I think I know why so many undecided voters, and those who had previously been thinking of voting Labour or Conservative, have decided to switch allegiance to the LibDems.
It’s because they are incredibly stupid, frivolous, envious and selfish.
Why are they so stupid? Because they’re members of a generation for whom TV talent shows represent reality.
Mind you, I’m not suggesting that all Libdem supporters are stupid. Those who have always intended to vote that way obviously had some reason for doing so: perhaps a positive wish to see more criminals out on the street, or a desire to punish people whom luck or enterprise has blessed with bigger houses than they themselves can afford, or a genuine belief that going green is the answer to all of life’s problems, or to ensure that every single aspect of their life is controlled by Brussells, or to once and for all destroy the economy of this country so that it’s reduced to a sort of North European version of Zimbabwe (after all, a lack of razor blades and proper clothing could lead to a whole nation of bearded sandal-wearers - including the women). Who knows what goes on inside these people’s befuddled little heads? But, however deluded and wrong they may be, they’re not necessarily stupid.
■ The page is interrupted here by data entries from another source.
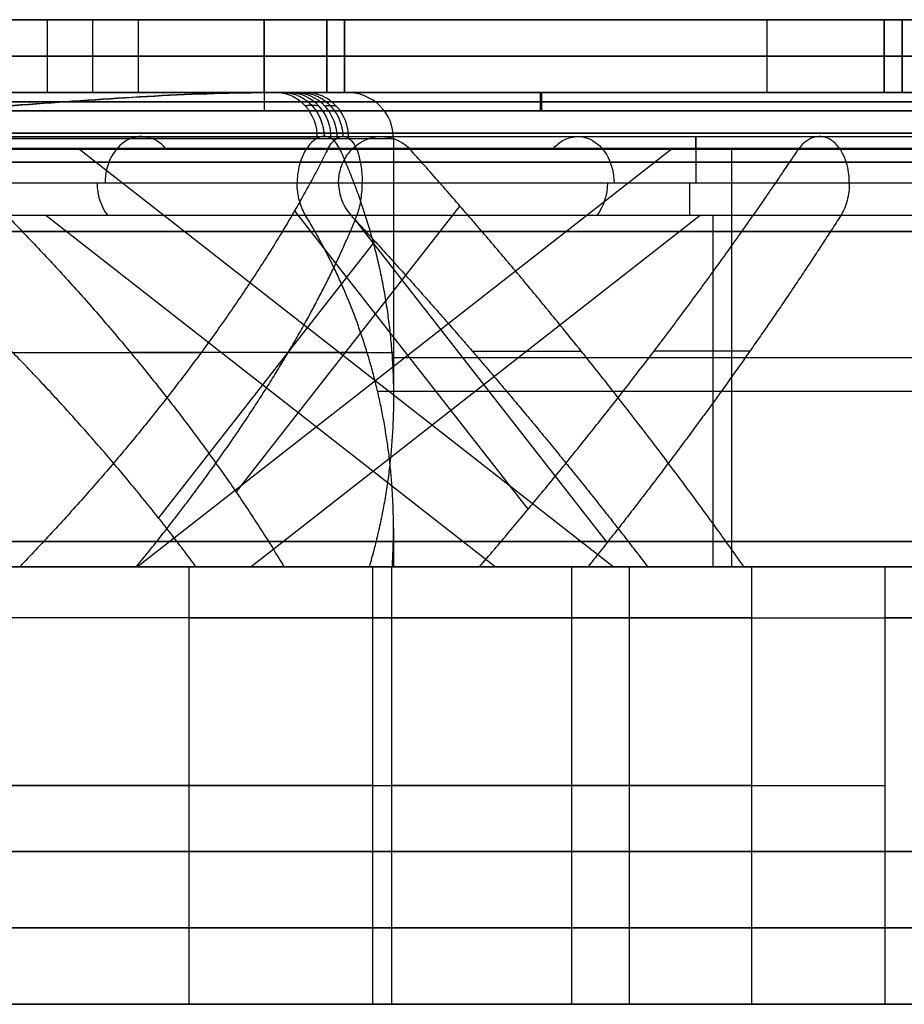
# Model space of a CAD drawing. Header units: millimetres. Extents: x -368 to 368, y -356 to 344.
# Tile 225 of 256: x -180 to -155, y 249 to 276. Entities that reach past the tile are written whole.
import ezdxf

# ---------------------------------------------------------------- set-up
doc = ezdxf.new("R2010")
doc.units = ezdxf.units.MM
doc.layers.add('Livello 01', color=7, linetype='Continuous')

# ---------------------------------------------------------------- blocks, each defined once
blk = doc.blocks.new('MCP139A13_01')
at = {"layer": 'Livello 01', "color": 8, "true_color": 0x808080}
for p, q in [((-61.70000000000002, -0.2000000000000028, 0.25), (-7.700000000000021, -0.1999999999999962, 0.25)), ((-34.70000000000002, -0.1999999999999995), (-34.70000000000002, -0.1999999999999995, 0.5000000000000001)), ((-34.70000000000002, -98.2, 0.5), (-34.70000000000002, -0.2000000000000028, 0.5)), ((-34.70000000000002, -98.2), (-34.70000000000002, -0.2000000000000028)), ((-7.700000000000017, -49.2, 0.5), (-61.70000000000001, -49.2, 0.5)), ((-7.700000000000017, -49.2), (-61.70000000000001, -49.2)), ((-61.7, -98.2, 0.25), (-7.700000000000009, -98.2, 0.25)), ((-34.70000000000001, -98.2), (-34.70000000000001, -98.2, 0.5000000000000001))]:
    blk.add_line(p, q, dxfattribs=at)
for points in [[(-61.70000000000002, -0.2000000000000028), (-7.700000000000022, -0.1999999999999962)], [(-7.700000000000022, -0.1999999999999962, 0.5), (-61.70000000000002, -0.2000000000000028, 0.5)], [(-7.700000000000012, -98.2), (-61.7, -98.2)], [(-61.7, -98.2, 0.5), (-7.700000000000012, -98.2, 0.5)]]:
    blk.add_open_spline(points, degree=1, dxfattribs=at)
blk = doc.blocks.new('MCP139A12_01')
at = {"layer": 'Livello 01', "color": 8, "true_color": 0x808080}
for p, q in [((-20.61552812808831, 39.99999999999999, 0.25), (20.6155281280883, 39.99999999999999, 0.25)), ((-40, -0.01083252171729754, 0.5), (40, -0.01083252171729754, 0.5)), ((-40, -0.01083252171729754), (40, -0.01083252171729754)), ((20.57343741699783, -40, 0.25), (-20.6155281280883, -40.00000000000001, 0.25)), ((20.57343741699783, -40.02166504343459, 0.25), (20.57343741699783, -40, 0.25)), ((20.57343741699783, -40.01083252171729, 0.5), (20.57343741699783, -40.01083252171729))]:
    blk.add_line(p, q, dxfattribs=at)
at = {"layer": 'Livello 01', "color": 8, "true_color": 0x808080, "extrusion": (0, 0, -1)}
for centre, radius, start, end in [((1.13686837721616e-13, -1.27897692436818e-13, -0.5), 45.00000000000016, 117.2660444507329, 152.7339555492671), ((0, 0, -0.25), 45.00000000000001, 117.2660444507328, 152.7339555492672), ((-3.854694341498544e-13, -4.103384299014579e-13, -0.5), 44.99999999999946, 207.2660444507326, 242.7942297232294), ((0, 0, -0.25), 45.00000000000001, 207.2660444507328, 242.7942297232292)]:
    blk.add_arc(centre, radius, start, end, dxfattribs=at)
at = {"layer": 'Livello 01', "color": 8, "true_color": 0x808080}
for centre, radius, start, end in [((-1.49213974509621e-13, -1.580957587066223e-13), 45.00000000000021, 27.26604445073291, 62.73395554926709), ((-2.255973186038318e-13, 2.380318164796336e-13), 45.00000000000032, 297.2057702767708, 332.7339555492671)]:
    blk.add_arc(centre, radius, start, end, dxfattribs=at)
for points in [[(20.61552812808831, 39.99999999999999, 0.5), (-20.6155281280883, 40, 0.5)], [(20.6155281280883, 39.99999999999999), (-20.6155281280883, 40)], [(20.6155281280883, 39.99999999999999), (20.61552812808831, 39.99999999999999, 0.5)], [(-20.61552812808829, -40.00000000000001, 0.5), (20.57343741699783, -40, 0.5)], [(-20.6155281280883, -40.00000000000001), (20.57343741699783, -40)], [(20.57343741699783, -40, 0.5), (20.57343741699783, -40.02166504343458, 0.5)], [(20.57343741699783, -40), (20.57343741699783, -40.02166504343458)], [(20.57343741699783, -40), (20.57343741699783, -40, 0.5)], [(20.57343741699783, -40.02166504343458, 0.5), (20.57343741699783, -40.02166504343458)]]:
    blk.add_open_spline(points, degree=1, dxfattribs=at)
blk = doc.blocks.new('MCP139A01_04_BRD24')
at = {"layer": 'Livello 01', "color": 250, "true_color": 0x1e1e1e}
for p, q in [((-69.20000000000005, 125, 1), (69.20000000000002, 125.0000000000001, 1)), ((36.90690632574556, 61.25000000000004, 1), (60.08293891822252, 61.25000000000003, 1)), ((48.49492262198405, 61.25000000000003), (48.49492262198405, 61.25000000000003, 2)), ((60.08293891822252, 56.25000000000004, 1), (36.90690632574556, 56.25000000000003, 1)), ((48.49492262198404, 56.25000000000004), (48.49492262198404, 56.25000000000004, 2)), ((30, 13.25000000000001), (30, 13.25000000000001, 2)), ((30, 10.75000000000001), (30, 10.75000000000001, 2)), ((79.19999999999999, 1.4210854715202e-14, 2), (0.8427192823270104, 1.4210854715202e-14, 2)), ((79.19999999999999, 1.4210854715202e-14), (0.8427192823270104, 1.4210854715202e-14)), ((17.70000000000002, -5.199999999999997, 1), (51.70000000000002, -5.199999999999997, 1)), ((34.70000000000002, -5.199999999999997), (34.70000000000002, -5.199999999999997, 2)), ((52.20000000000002, -9.2, 1), (52.20000000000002, -5.699999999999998, 1)), ((52.20000000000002, -7.449999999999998, 2), (52.20000000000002, -7.449999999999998)), ((13.20000000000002, -46.7, 1), (56.20000000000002, -46.7, 1)), ((34.70000000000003, -46.7), (34.70000000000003, -46.7, 2)), ((56.20000000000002, -51.7, 1), (13.20000000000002, -51.7, 1)), ((34.70000000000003, -51.7), (34.70000000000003, -51.7, 2)), ((52.20000000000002, -92.7, 1), (52.20000000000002, -89.2, 1)), ((52.20000000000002, -90.95, 2), (52.20000000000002, -90.95)), ((17.70000000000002, -93.2, 1), (51.70000000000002, -93.2, 1)), ((34.70000000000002, -93.2, 2), (34.70000000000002, -93.2)), ((-69.20000000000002, -125, 1), (69.20000000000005, -125, 1))]:
    blk.add_line(p, q, dxfattribs=at)
for centre, radius, start, end in [((21.70000000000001, 58.75000000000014), 38.99999999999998, 4.469136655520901, 175.5308633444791), ((21.70000000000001, 58.75000000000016, 2), 38.99999999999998, 4.46913665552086, 175.5308633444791), ((21.70000000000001, 58.75000000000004, 1), 39, 4.469136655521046, 175.5308633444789), ((21.70000000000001, 58.75000000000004, 1), 15, 11.15993687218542, 168.8400631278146), ((36.90690632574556, 61.75000000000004), 0.5000000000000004, 191.1599368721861, 270), ((36.90690632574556, 61.75000000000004, 2), 0.5000000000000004, 191.1599368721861, 270), ((36.90690632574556, 61.75000000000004, 1), 0.5, 191.1599368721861, 270), ((36.90690632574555, 55.75000000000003), 0.5000000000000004, 90, 168.8400631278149), ((36.90690632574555, 55.75000000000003, 2), 0.5000000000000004, 89.99999999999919, 168.8400631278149), ((36.90690632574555, 55.75000000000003, 1), 0.5, 90, 168.8400631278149), ((21.70000000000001, 58.74999999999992, 2), 38.99999999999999, 184.4691366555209, 355.5308633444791), ((21.70000000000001, 58.74999999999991), 38.99999999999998, 184.4691366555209, 355.5308633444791), ((21.70000000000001, 58.75000000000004, 1), 39, 184.469136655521, 355.5308633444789), ((21.70000000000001, 58.75000000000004, 1), 15, 191.1599368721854, 348.8400631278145), ((30, 12.00000000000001), 1.249999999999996, 359.9999999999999, 180), ((30, 12.00000000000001, 2), 1.249999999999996, 359.9999999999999, 180), ((30, 12.00000000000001, 1), 1.249999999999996, 0, 180), ((30, 12.00000000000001), 1.249999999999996, 180.0000000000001, 0), ((30, 12.00000000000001, 1), 1.249999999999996, 180, 0), ((51.70000000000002, -5.699999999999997), 0.5, 0, 90), ((51.70000000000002, -5.699999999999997, 2), 0.5, 0, 90), ((52.70000000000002, -9.2, 1), 0.5, 180, 270), ((52.70000000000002, -89.2, 1), 0.5, 90, 180), ((51.70000000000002, -92.7), 0.5000000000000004, 270, 0), ((51.70000000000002, -92.7, 2), 0.5000000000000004, 270, 0)]:
    blk.add_arc(centre, radius, start, end, dxfattribs=at)
at = {"layer": 'Livello 01', "color": 250, "true_color": 0x1e1e1e, "extrusion": (0, 0, -1)}
for centre, radius, start, end in [((-21.70000000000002, 58.75000000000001, -2), 15.00000000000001, 11.15993687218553, 168.8400631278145), ((-21.70000000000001, 58.75000000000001), 15.00000000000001, 11.15993687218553, 168.8400631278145), ((-21.70000000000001, 58.75000000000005), 15, 191.1599368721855, 348.8400631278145), ((-21.70000000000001, 58.75000000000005, -2), 15, 191.1599368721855, 348.8400631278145), ((-30, 12.00000000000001, -2), 1.249999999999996, 180.0000000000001, 0), ((-51.70000000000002, -5.699999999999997, -1), 0.5, 90, 180), ((-52.70000000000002, -9.2), 0.5, 270, 0), ((-52.70000000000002, -9.2, -2), 0.5, 270, 0), ((-52.70000000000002, -89.2), 0.5000000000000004, 0, 90), ((-52.70000000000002, -89.2, -2), 0.5000000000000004, 0, 90), ((-51.70000000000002, -92.7, -1), 0.5, 180, 270)]:
    blk.add_arc(centre, radius, start, end, dxfattribs=at)
at = {"layer": 'Livello 01', "color": 250, "true_color": 0x1e1e1e}
for points in [[(-69.20000000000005, 125, 2), (69.20000000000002, 125.0000000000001, 2)], [(-69.20000000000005, 125), (69.20000000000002, 125.0000000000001)], [(36.41636096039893, 61.65322580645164, 2), (36.41636096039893, 61.65322580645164)], [(36.90690632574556, 61.25000000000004, 2), (60.08293891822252, 61.25000000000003, 2)], [(36.90690632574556, 61.25000000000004), (60.08293891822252, 61.25000000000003)], [(36.90690632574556, 61.25000000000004, 2), (36.90690632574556, 61.25000000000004)], [(60.08293891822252, 56.25000000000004, 2), (36.90690632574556, 56.25000000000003, 2)], [(60.08293891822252, 56.25000000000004), (36.90690632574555, 56.25000000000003)], [(36.90690632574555, 56.25000000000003), (36.90690632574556, 56.25000000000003, 2)], [(36.41636096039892, 55.84677419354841), (36.41636096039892, 55.84677419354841, 2)], [(28.75, 12.00000000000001, 2), (28.75, 12.00000000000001)], [(31.24999999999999, 12.00000000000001), (31.24999999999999, 12.00000000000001, 2)], [(51.70000000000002, -5.199999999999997, 2), (17.70000000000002, -5.199999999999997, 2)], [(51.70000000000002, -5.199999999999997), (17.70000000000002, -5.199999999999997)], [(51.70000000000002, -5.199999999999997, 2), (51.70000000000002, -5.199999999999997)], [(52.20000000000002, -9.2, 2), (52.20000000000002, -5.699999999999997, 2)], [(52.20000000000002, -9.2), (52.20000000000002, -5.699999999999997)], [(52.20000000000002, -5.699999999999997), (52.20000000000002, -5.699999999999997, 2)], [(52.20000000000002, -9.2, 2), (52.20000000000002, -9.2)], [(13.20000000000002, -46.7, 2), (56.20000000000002, -46.7, 2)], [(13.20000000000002, -46.69999999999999), (56.20000000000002, -46.69999999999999)], [(56.20000000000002, -51.7, 2), (13.20000000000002, -51.7, 2)], [(56.20000000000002, -51.7), (13.20000000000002, -51.7)], [(52.20000000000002, -92.7, 2), (52.20000000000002, -89.2, 2)], [(52.20000000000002, -92.7), (52.20000000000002, -89.2)], [(52.20000000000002, -89.2), (52.20000000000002, -89.2, 2)], [(52.20000000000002, -92.7, 2), (52.20000000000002, -92.7)], [(17.70000000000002, -93.2, 2), (51.70000000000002, -93.2, 2)], [(17.70000000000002, -93.2), (51.70000000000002, -93.2)], [(51.70000000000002, -93.2), (51.70000000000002, -93.2, 2)], [(69.20000000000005, -125, 2), (-69.20000000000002, -125, 2)], [(69.20000000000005, -125), (-69.20000000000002, -125)]]:
    blk.add_open_spline(points, degree=1, dxfattribs=at)
blk = doc.blocks.new('VH808025V12')
at = {"layer": 'Livello 01', "color": 253, "true_color": 0x999999}
for p, q in [((1958.414026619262, 1467.608720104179, 40.00000000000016), (1921.698739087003, 1467.608720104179, 40.00000000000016)), ((1960.576833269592, 1455.608720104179, 56.87607782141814), (1960.576833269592, 1467.608720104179, 56.87607782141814)), ((1962.159955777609, 1455.608720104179, 48.26048746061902), (1962.159955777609, 1467.608720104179, 48.26048746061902)), ((1902.198739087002, 1465.513720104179), (1976.198739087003, 1465.513720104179)), ((1976.198739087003, 1465.513720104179, 80.00000000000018), (1902.198739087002, 1465.513720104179, 80.00000000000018)), ((1959.198739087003, 1463.418720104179), (1959.198739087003, 1463.418720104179, 5.35898384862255)), ((1959.198739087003, 1463.418720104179, 74.6410161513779), (1959.198739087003, 1463.418720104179, 80.00000000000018)), ((1950.083040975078, 1461.608720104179, 3.331287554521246), (1936.16656723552, 1461.608720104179, 22.76468933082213)), ((1955.136569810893, 1461.608720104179, 32.77258332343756), (1969.183341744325, 1461.608720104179, 63.74839159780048)), ((1965.512624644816, 1461.608720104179, 67.76043816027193), (1955.641041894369, 1461.608720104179, 45.99171748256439)), ((1958.484022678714, 1455.60872010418, 17.49358210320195), (1946.166860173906, 1445.980145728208, 17.49358210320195)), ((1946.384854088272, 1455.608720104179, 25.14706254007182), (1948.452940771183, 1455.608720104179, 25.14706254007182)), ((1961.720386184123, 1455.60872010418, 19.19308559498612), (1947.047154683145, 1444.138359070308, 19.19308559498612)), ((1963.349268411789, 1444.138359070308, 59.31849337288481), (1948.676036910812, 1455.608720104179, 59.31849337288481)), ((1951.370569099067, 1455.608720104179, 62.69732986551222), (1955.962241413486, 1455.608720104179, 62.69732986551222)), ((1964.108935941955, 1445.980145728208, 57.46772843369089), (1951.791773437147, 1455.608720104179, 57.46772843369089)), ((1953.564721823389, 1455.608720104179, 65.44871035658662), (1953.564721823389, 1455.608720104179, 59.69093539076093)), ((1955.036105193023, 1455.608720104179, 35.37097906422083), (1956.314878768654, 1455.608720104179, 35.37097906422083)), ((1955.698739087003, 1454.563547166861, 40.00000000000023), (1955.698739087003, 1455.608720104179, 40.00000000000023)), ((1955.710121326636, 1455.608720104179, 20.9719443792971), (1960.301793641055, 1455.608720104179, 20.9719443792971)), ((1955.792033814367, 1455.608720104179, 34.218006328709), (1955.792033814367, 1455.608720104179, 41.04531982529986)), ((1958.107640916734, 1455.608720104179, 23.72332487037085), (1958.107640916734, 1455.608720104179, 17.96554990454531)), ((1958.915866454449, 1455.608720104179, 44.63523379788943), (1958.915866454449, 1455.608720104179, 53.21332955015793)), ((1959.702022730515, 1455.608720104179, 42.84027681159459), (1975.438140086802, 1455.608720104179, 42.84027681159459)), ((1960.269267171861, 1455.608720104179, 56.19783597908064), (1965.759349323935, 1455.608720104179, 56.19783597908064)), ((1964.453876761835, 1445.980145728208, 31.41537440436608), (1964.453876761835, 1455.608720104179, 41.04531982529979)), ((1964.972327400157, 1444.138359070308, 33.16323946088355), (1964.972327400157, 1455.608720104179, 44.63523379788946)), ((1967.208753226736, 1455.608720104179, 44.6352337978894), (1967.208753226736, 1455.608720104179, 41.04531982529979)), ((1954.643434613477, 1446.10967911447, 45.80615019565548), (1961.555079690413, 1454.951263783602, 68.65589902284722)), ((1955.184814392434, 1446.682194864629, 7.311584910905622), (1949.254207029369, 1454.268806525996, 26.9180443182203)), ((1952.986325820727, 1445.846493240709, 49.06379898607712), (1959.388470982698, 1454.03631026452, 70.2291521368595)), ((1957.516522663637, 1445.710350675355, 8.586551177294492), (1951.380752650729, 1453.559412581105, 28.87127385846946)), ((1955.262353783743, 1450.794432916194, 36.23034711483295), (1975.357530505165, 1450.794432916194, 36.23034711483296)), ((1955.698739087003, 1443.863269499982, 40.00000000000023), (1955.698739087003, 1450.974146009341, 40.00000000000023)), ((1955.661980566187, 1449.873539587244, 38.89923662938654), (1975.527896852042, 1449.873539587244, 38.89923662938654)), ((1959.198739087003, 1446.418720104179), (1959.198739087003, 1446.418720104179, 5.358983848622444)), ((1959.198739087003, 1446.418720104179, 74.64101615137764), (1959.198739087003, 1446.418720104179, 80.00000000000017)), ((1976.198739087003, 1444.513720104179, 80.00000000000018), (1902.198739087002, 1444.513720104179, 80.00000000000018)), ((1902.198739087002, 1444.513720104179), (1976.198739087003, 1444.513720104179)), ((1942.29212532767, 1443.812056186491, 23.7925646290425), (1955.363266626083, 1443.81205618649, 7.401871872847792)), ((1953.79891708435, 1443.812056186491, 32.31333608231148), (1974.763399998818, 1443.812056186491, 32.31333608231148)), ((1954.311477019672, 1443.812056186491, 46.62232224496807), (1967.382618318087, 1443.812056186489, 63.0130150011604)), ((1923.953876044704, 1442.60872010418, 40.13384672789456), (1954.443602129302, 1442.60872010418, 40.13384672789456)), ((1965.69957749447, 1442.60872010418), (1965.69957749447, 1442.60872010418, 7.338873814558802)), ((1965.69957749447, 1442.60872010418, 72.66112618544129), (1965.69957749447, 1442.60872010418, 80.00000000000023))]:
    blk.add_line(p, q, dxfattribs=at)
at = {"layer": 'Livello 01', "color": 253, "true_color": 0x999999, "extrusion": (0, 1, 0)}
for centre, radius, start, end in [((-1939.198739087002, 40.00000000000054, 1467.608720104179), 17.50000000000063, 204.3931304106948, 279.9778218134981), ((-1939.198739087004, 40.00000000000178, 1467.608720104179), 17.49999999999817, 89.99999999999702, 159.9778218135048), ((-1939.198739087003, 40.00000000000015, 1461.608720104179), 17.50000000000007, 204.3931304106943, 279.9778218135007), ((-1939.198739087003, 40.00000000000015, 1461.608720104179), 17.50000000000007, 90, 159.9778218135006), ((-1939.198739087, 39.99999999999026, 1455.608720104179), 17.50000000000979, 90.0000000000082, 113.2121703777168), ((-1939.198739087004, 40.00000000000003, 1455.608720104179), 17.49999999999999, 228.0041092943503, 267.4978846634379), ((-1939.19873908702, 40.00000000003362, 1455.608720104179), 17.49999999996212, 113.2121703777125, 125.146966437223), ((-1939.198739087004, 40.00000000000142, 1455.608720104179), 17.49999999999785, 125.1469664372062, 159.9778218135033), ((-1939.198739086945, 40.00000000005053, 1455.608720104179), 17.50000000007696, 216.0693132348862, 228.0041092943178), ((-1939.198739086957, 40.00000000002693, 1455.608720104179), 17.50000000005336, 204.3931304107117, 216.069313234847), ((-1939.198739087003, 40.00000000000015, 1449.73599480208), 16.50000000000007, 94.15777432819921, 132.8755330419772), ((-1939.198739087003, 40.00000000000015, 1449.735994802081), 16.50000000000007, 197.014909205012, 235.7326758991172), ((-1939.198739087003, 40.00000000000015, 1449.73599480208), 16.50000000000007, 145.5863377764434, 184.3041044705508), ((-1939.198739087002, 39.99999999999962, 1446.418720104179), 38.24999999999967, 179.9999999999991, 270), ((-1939.198739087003, 39.99999999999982, 1446.41872010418), 40.00000000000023, 89.99999999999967, 179.9999999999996), ((-1939.198739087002, 40.00000000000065, 1446.418720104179), 40.00000000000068, 180.0000000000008, 270.0000000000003), ((-1939.198739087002, 39.99999999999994, 1446.418720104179), 38.25000000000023, 90, 179.9999999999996), ((-1939.198739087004, 39.99999999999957, 1443.863269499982), 16.49999999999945, 209.1761092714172, 257.8020939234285), ((-1939.198739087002, 39.99999999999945, 1443.863269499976), 16.50000000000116, 106.3189664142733, 154.944951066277), ((-1939.198739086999, 40.00000000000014, 1443.863269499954), 16.50000000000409, 157.7475378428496, 180), ((-1939.198739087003, 40.00000000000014, 1442.60872010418), 15.24545060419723, 179.9999999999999, 206.3735224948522)]:
    blk.add_arc(centre, radius, start, end, dxfattribs=at)
at = {"layer": 'Livello 01', "color": 253, "true_color": 0x999999, "extrusion": (0, -1, 0)}
for centre, radius, start, end in [((1939.198739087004, 40.00000000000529, -1467.608720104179), 38.24999999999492, 46.53236492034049, 90.00000000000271), ((1939.198739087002, 40.00000000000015, -1467.608720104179), 38.25000000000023, 286.5323649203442, 38.37991237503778), ((1939.198739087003, 40.00000000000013, -1463.418720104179), 40, 1.017777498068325e-14, 90.00000000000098), ((1939.198739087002, 40.0000000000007, -1463.41872010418), 40.00000000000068, 269.9999999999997, 359.9999999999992), ((1939.198739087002, 40.00000000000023, -1457.013720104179), 38.25000000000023, 46.53236492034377, 90), ((1939.198739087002, 40.00000000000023, -1457.013720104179), 38.25000000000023, 286.5323649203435, 38.37991237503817), ((1939.198739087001, 40.00000000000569, -1455.608720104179), 16.50000000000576, 273.4581726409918, 312.2037043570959), ((1939.198739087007, 39.99999999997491, -1455.608720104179), 38.24999999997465, 278.3799123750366, 286.5323649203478), ((1939.198739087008, 40.0000000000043, -1455.608720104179), 16.49999999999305, 16.31531549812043, 55.06084721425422), ((1939.198739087, 39.99999999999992, -1455.608720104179), 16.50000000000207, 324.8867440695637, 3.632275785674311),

But the late switchers are a different proposition. If they simply want to see the worst Prime Minister in history continue to dig Britain’s grave, they should just vote Labour. If they actually want to see more immigrants in this country, ditto. If they want to ensure that nothing whatsoever run by the government gets better in the next five years, just go for Gordon. God knows, the old glumster needs cheering up! If on the other hand, they want a vacuous, glossy, good-looking middle-class chap with nice manners, a fruity wife, and who doesn’t really have any particularly noticeable political convictions, why not vote for Dave?
Because they still resent Etonians? I wouldn’t be surprised. I had thought we’d all grown up a bit since the Seventies, but evidently not.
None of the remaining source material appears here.